YOUR OBJECTIVE
Scan the records for lines with the word "start", and copy every such line.

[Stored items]
/---

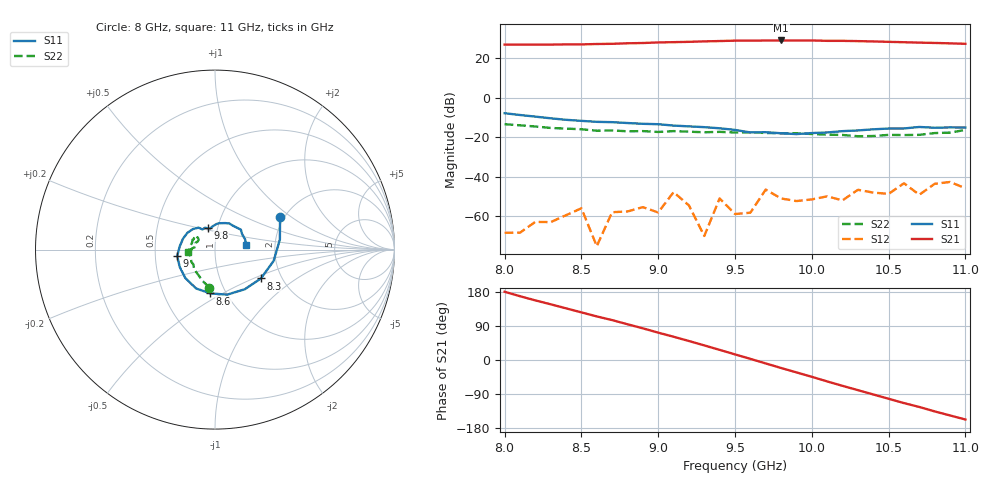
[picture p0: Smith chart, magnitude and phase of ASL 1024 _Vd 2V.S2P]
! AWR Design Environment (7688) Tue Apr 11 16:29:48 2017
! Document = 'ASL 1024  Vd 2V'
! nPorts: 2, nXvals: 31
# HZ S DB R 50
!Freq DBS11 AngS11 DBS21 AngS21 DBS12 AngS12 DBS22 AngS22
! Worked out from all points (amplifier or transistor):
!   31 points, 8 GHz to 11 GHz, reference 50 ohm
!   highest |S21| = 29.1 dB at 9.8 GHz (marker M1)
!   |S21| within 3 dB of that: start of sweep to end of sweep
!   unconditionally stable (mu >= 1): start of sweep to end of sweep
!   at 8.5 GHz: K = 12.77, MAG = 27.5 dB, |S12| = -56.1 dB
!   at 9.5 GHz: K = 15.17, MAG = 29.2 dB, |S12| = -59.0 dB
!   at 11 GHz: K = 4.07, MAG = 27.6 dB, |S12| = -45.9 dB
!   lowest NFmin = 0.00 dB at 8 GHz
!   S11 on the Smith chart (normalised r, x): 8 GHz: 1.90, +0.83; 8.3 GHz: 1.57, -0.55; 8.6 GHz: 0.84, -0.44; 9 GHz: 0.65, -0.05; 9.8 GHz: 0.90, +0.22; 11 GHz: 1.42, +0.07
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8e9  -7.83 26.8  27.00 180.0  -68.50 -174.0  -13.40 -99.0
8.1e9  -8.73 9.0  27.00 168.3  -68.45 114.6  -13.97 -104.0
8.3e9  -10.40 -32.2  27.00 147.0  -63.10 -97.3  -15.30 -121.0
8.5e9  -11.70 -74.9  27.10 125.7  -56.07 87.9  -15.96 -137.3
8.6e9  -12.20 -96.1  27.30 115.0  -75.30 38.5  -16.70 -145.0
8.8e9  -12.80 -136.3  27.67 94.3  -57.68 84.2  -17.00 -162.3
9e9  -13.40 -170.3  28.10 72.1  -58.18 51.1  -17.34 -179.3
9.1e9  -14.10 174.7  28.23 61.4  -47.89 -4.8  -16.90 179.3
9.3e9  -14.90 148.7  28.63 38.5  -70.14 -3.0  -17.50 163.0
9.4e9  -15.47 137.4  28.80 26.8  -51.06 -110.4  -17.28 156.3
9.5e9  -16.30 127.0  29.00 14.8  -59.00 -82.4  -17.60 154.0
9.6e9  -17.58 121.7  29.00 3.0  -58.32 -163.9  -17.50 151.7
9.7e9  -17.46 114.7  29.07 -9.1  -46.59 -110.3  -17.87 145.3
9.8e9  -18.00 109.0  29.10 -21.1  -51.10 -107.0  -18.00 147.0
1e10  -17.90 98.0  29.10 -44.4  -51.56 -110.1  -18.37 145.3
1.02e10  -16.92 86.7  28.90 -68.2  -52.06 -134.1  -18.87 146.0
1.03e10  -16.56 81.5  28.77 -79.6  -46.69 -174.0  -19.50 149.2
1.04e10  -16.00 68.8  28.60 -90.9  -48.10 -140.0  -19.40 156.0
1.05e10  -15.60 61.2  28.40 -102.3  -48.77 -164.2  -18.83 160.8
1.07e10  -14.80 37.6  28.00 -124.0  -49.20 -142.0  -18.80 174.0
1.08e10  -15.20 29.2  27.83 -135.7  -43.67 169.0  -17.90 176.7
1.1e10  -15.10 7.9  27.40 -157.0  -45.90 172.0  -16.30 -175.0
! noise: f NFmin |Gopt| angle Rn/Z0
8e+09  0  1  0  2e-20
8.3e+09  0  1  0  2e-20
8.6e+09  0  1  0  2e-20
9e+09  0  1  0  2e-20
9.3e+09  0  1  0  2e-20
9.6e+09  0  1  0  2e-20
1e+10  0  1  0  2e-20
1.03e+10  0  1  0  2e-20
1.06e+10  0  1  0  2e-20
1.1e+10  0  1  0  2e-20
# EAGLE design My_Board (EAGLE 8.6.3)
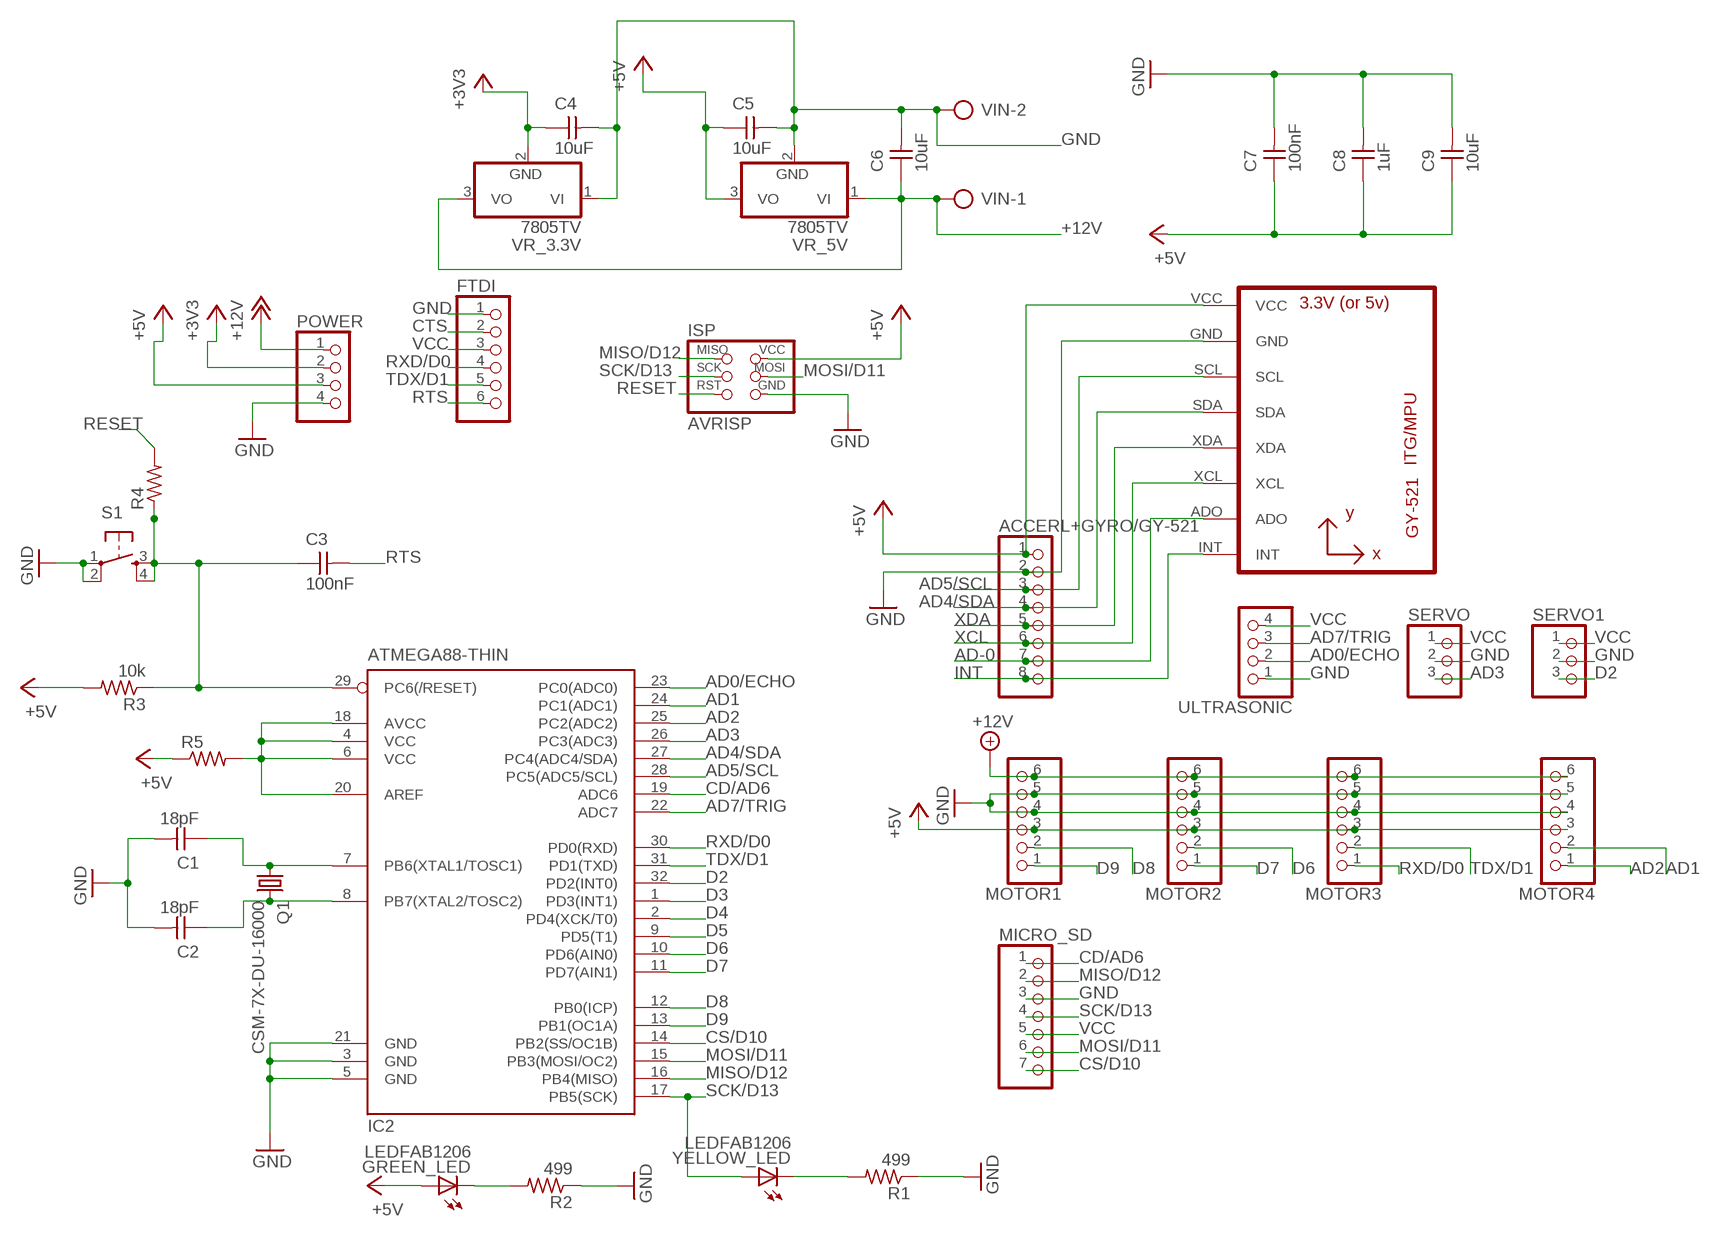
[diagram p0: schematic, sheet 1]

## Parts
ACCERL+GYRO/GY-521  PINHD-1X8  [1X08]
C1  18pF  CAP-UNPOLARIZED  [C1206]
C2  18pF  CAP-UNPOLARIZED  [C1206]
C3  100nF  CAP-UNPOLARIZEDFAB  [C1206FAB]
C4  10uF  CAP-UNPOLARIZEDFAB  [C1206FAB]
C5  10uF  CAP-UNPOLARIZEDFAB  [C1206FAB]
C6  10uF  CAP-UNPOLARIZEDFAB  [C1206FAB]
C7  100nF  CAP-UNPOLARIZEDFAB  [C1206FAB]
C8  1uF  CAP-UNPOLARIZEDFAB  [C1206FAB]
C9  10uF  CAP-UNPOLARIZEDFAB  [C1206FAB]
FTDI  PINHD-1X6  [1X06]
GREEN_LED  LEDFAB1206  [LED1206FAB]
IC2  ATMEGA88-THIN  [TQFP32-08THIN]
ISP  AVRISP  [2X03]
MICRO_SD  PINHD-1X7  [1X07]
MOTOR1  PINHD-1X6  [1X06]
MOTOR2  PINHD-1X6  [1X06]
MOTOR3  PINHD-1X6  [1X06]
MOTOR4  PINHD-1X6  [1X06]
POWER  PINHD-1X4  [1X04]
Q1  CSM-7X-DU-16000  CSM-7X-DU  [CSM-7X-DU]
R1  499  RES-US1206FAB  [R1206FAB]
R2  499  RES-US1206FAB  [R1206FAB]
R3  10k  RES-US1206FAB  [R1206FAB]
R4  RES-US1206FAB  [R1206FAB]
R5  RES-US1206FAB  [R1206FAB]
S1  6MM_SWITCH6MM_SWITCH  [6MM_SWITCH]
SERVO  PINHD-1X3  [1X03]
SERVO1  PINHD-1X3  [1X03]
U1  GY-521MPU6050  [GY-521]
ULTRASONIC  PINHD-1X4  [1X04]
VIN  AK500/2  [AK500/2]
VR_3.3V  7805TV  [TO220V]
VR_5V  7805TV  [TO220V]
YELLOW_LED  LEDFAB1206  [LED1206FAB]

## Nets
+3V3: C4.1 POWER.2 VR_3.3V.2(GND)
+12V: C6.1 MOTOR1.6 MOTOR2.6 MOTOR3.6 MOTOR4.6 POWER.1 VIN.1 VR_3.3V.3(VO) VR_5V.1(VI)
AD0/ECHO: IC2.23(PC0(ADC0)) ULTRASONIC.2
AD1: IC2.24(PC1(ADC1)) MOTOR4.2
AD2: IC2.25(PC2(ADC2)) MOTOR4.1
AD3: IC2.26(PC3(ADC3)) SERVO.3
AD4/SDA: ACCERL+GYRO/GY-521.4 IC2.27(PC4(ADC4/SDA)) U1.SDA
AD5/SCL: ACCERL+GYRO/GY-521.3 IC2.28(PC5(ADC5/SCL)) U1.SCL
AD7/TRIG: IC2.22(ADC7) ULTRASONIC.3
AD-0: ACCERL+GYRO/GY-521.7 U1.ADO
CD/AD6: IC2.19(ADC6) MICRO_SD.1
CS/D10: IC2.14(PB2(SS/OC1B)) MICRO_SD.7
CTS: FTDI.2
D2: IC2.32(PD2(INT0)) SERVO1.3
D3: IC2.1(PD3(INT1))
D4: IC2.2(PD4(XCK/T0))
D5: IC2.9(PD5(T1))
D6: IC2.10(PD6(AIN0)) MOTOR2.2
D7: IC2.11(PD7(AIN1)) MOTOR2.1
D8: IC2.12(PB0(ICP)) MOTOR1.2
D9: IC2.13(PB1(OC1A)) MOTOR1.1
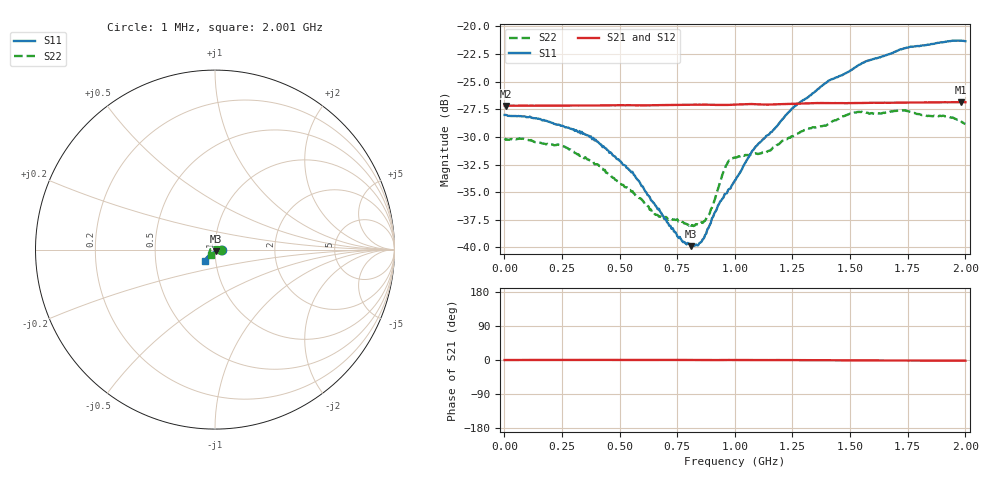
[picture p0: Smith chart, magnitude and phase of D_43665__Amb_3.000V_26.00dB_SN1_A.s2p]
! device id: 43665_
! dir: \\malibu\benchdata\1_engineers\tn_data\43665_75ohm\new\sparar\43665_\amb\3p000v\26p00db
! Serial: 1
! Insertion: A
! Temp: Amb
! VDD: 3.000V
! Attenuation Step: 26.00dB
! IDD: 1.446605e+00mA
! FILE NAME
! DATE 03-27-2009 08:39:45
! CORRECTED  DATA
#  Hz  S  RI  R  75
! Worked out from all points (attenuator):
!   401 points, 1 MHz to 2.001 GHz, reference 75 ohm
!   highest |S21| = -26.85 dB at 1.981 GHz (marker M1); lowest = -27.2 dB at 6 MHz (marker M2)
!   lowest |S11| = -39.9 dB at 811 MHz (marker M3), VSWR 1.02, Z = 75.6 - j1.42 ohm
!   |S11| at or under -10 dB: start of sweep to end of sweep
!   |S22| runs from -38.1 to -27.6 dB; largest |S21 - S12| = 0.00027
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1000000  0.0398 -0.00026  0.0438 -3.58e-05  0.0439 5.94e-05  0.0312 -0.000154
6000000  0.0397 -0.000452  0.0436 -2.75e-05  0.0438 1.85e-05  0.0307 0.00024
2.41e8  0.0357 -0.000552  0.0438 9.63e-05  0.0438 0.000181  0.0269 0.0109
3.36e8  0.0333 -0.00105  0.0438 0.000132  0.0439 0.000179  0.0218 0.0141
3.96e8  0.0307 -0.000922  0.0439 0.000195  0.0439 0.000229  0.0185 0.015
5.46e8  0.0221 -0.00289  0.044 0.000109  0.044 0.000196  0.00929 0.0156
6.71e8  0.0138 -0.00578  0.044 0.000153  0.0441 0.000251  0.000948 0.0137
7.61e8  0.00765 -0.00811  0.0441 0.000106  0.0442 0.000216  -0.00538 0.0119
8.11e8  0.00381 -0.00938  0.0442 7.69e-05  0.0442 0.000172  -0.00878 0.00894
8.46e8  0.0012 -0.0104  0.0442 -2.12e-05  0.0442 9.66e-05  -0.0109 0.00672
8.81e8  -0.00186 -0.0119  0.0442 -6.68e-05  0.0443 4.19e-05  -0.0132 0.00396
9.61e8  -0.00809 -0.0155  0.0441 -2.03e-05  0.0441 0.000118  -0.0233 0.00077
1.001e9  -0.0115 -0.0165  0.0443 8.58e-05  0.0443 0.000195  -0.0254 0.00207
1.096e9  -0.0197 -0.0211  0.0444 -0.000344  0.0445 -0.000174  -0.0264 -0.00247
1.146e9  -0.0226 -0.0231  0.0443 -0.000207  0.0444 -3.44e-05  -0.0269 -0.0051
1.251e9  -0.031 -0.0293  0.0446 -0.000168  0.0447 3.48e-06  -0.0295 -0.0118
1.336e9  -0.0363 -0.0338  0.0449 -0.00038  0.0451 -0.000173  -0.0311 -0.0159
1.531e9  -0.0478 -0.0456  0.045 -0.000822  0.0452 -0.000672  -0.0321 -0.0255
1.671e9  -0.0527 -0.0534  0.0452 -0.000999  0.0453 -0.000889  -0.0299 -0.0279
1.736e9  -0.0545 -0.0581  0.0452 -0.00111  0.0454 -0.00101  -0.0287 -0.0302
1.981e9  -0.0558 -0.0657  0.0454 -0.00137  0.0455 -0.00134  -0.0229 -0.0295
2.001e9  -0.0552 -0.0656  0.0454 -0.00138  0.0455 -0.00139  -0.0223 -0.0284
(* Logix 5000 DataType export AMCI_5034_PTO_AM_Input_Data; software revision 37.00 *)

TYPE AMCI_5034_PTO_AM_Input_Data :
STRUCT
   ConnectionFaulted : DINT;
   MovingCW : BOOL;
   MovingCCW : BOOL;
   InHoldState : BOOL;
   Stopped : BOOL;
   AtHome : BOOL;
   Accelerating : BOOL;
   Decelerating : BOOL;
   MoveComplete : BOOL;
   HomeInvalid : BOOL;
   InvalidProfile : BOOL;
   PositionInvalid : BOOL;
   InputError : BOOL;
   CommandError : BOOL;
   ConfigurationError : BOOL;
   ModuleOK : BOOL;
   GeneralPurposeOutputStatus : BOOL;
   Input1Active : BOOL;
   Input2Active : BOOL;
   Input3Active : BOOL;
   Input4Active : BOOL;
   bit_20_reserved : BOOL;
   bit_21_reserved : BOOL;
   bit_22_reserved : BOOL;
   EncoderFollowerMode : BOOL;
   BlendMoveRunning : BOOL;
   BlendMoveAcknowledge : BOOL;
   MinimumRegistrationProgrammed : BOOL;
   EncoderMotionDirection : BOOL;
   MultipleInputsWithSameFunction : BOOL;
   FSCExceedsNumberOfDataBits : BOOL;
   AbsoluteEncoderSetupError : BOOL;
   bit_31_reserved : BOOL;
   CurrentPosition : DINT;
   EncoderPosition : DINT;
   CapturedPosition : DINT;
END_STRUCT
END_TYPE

\---

REPLY
!   |S21| within 3 dB of that: start of sweep to end of sweep
!   unconditionally stable (mu >= 1): start of sweep to end of sweep
!   |S11| at or under -10 dB: start of sweep to end of sweep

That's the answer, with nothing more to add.